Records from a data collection
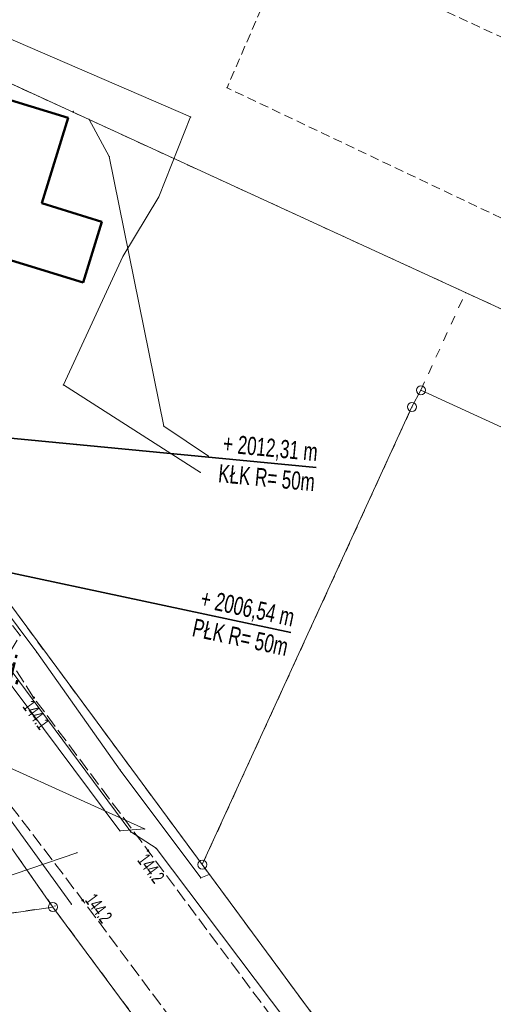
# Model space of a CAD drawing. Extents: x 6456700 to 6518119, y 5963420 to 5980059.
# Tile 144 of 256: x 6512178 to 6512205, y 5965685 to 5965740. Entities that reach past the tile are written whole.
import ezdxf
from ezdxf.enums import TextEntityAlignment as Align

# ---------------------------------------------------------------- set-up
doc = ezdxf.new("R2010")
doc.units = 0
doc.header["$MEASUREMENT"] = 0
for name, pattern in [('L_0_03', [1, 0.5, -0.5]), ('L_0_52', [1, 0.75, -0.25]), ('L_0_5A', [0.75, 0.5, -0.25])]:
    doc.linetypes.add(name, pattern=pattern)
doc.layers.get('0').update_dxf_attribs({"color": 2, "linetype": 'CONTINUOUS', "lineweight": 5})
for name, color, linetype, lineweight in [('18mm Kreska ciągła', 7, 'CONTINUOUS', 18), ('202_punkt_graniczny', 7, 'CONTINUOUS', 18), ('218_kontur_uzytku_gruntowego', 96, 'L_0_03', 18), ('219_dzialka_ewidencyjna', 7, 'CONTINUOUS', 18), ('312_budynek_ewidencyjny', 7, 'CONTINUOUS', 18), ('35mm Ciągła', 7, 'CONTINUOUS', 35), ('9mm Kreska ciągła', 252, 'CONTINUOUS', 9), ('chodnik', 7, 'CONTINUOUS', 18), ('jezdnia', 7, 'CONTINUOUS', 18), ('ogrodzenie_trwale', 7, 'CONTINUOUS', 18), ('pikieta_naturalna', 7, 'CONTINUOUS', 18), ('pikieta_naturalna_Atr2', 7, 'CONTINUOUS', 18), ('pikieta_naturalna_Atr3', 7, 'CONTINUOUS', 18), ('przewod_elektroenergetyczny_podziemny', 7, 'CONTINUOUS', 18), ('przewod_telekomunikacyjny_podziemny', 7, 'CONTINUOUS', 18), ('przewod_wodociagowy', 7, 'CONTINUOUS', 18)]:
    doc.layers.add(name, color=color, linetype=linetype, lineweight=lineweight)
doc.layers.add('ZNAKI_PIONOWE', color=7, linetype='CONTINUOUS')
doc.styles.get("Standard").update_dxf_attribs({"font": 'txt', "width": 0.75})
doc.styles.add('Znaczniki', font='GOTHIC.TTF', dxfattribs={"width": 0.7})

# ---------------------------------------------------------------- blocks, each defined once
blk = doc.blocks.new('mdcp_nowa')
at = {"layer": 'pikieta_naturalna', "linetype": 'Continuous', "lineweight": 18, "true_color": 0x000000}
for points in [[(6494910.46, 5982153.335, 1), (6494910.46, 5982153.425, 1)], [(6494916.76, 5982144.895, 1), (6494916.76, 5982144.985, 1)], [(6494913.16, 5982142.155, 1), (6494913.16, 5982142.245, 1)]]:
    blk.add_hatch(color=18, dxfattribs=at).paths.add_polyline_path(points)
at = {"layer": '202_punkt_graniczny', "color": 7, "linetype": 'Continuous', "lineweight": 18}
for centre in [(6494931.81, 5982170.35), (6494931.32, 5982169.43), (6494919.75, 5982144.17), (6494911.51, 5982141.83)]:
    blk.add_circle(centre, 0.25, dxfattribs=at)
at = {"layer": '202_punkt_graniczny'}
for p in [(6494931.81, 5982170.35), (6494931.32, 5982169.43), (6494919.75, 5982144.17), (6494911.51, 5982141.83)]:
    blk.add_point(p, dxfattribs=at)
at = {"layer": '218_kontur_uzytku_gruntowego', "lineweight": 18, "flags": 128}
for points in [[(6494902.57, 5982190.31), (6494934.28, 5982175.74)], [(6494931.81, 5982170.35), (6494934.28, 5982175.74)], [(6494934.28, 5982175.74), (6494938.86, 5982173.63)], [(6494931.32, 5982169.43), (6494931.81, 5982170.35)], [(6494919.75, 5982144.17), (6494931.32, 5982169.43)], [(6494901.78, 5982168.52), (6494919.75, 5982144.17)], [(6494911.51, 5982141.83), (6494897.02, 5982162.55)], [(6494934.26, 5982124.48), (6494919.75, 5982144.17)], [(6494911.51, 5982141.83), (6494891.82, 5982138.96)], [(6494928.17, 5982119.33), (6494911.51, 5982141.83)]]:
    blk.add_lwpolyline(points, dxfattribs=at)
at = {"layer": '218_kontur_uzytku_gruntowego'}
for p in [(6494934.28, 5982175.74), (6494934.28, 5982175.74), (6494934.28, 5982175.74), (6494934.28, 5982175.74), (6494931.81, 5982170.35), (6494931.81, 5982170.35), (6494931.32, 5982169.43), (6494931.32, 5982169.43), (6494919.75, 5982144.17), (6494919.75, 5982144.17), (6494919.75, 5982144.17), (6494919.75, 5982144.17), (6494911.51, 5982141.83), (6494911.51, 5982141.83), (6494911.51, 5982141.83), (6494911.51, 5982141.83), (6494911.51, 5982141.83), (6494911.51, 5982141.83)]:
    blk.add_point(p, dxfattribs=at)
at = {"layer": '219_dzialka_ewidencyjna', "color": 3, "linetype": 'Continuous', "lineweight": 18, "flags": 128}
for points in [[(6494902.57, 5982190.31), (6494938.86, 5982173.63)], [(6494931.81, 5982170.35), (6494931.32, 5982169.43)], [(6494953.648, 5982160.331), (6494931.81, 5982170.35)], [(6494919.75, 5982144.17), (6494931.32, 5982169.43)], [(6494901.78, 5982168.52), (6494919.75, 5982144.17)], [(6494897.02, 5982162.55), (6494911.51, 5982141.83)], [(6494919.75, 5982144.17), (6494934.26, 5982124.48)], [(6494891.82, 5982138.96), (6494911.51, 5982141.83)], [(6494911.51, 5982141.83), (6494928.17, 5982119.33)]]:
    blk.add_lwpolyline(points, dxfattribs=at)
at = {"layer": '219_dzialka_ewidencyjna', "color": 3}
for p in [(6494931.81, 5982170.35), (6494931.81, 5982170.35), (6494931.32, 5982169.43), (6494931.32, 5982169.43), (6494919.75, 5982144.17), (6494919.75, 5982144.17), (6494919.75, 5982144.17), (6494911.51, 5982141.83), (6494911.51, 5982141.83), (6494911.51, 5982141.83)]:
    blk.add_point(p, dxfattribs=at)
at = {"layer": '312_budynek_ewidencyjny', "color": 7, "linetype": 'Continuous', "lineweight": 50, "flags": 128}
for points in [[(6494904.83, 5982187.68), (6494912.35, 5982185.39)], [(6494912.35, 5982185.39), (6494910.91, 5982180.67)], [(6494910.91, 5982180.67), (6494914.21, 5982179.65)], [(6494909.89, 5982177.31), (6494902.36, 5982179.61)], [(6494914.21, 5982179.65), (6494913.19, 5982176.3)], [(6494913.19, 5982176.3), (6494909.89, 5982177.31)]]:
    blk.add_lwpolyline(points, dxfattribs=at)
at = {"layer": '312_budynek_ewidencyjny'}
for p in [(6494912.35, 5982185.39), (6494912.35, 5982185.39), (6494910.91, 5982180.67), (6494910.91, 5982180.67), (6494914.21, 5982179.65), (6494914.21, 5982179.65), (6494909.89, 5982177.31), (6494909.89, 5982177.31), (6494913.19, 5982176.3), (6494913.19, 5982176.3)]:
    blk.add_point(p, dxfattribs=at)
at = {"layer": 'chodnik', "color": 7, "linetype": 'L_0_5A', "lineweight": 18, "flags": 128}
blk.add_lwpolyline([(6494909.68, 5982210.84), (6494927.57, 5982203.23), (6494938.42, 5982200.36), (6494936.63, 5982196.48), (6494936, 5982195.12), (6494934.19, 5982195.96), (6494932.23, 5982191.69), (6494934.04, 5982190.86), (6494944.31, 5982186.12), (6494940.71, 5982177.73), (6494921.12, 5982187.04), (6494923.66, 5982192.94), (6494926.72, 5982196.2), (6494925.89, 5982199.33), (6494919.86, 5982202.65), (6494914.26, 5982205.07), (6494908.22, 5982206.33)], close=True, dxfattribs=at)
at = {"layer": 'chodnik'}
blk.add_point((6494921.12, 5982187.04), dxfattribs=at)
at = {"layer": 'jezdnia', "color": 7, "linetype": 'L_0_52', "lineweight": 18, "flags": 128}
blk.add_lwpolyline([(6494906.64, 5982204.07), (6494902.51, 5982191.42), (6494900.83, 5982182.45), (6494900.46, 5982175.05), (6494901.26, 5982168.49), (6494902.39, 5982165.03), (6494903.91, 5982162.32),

▸ WORK TASK
Report all lines of the data that include the word "import".

▸ ANSWER TO THE PROBLEM
import ezdxf
from ezdxf.enums import TextEntityAlignment as Align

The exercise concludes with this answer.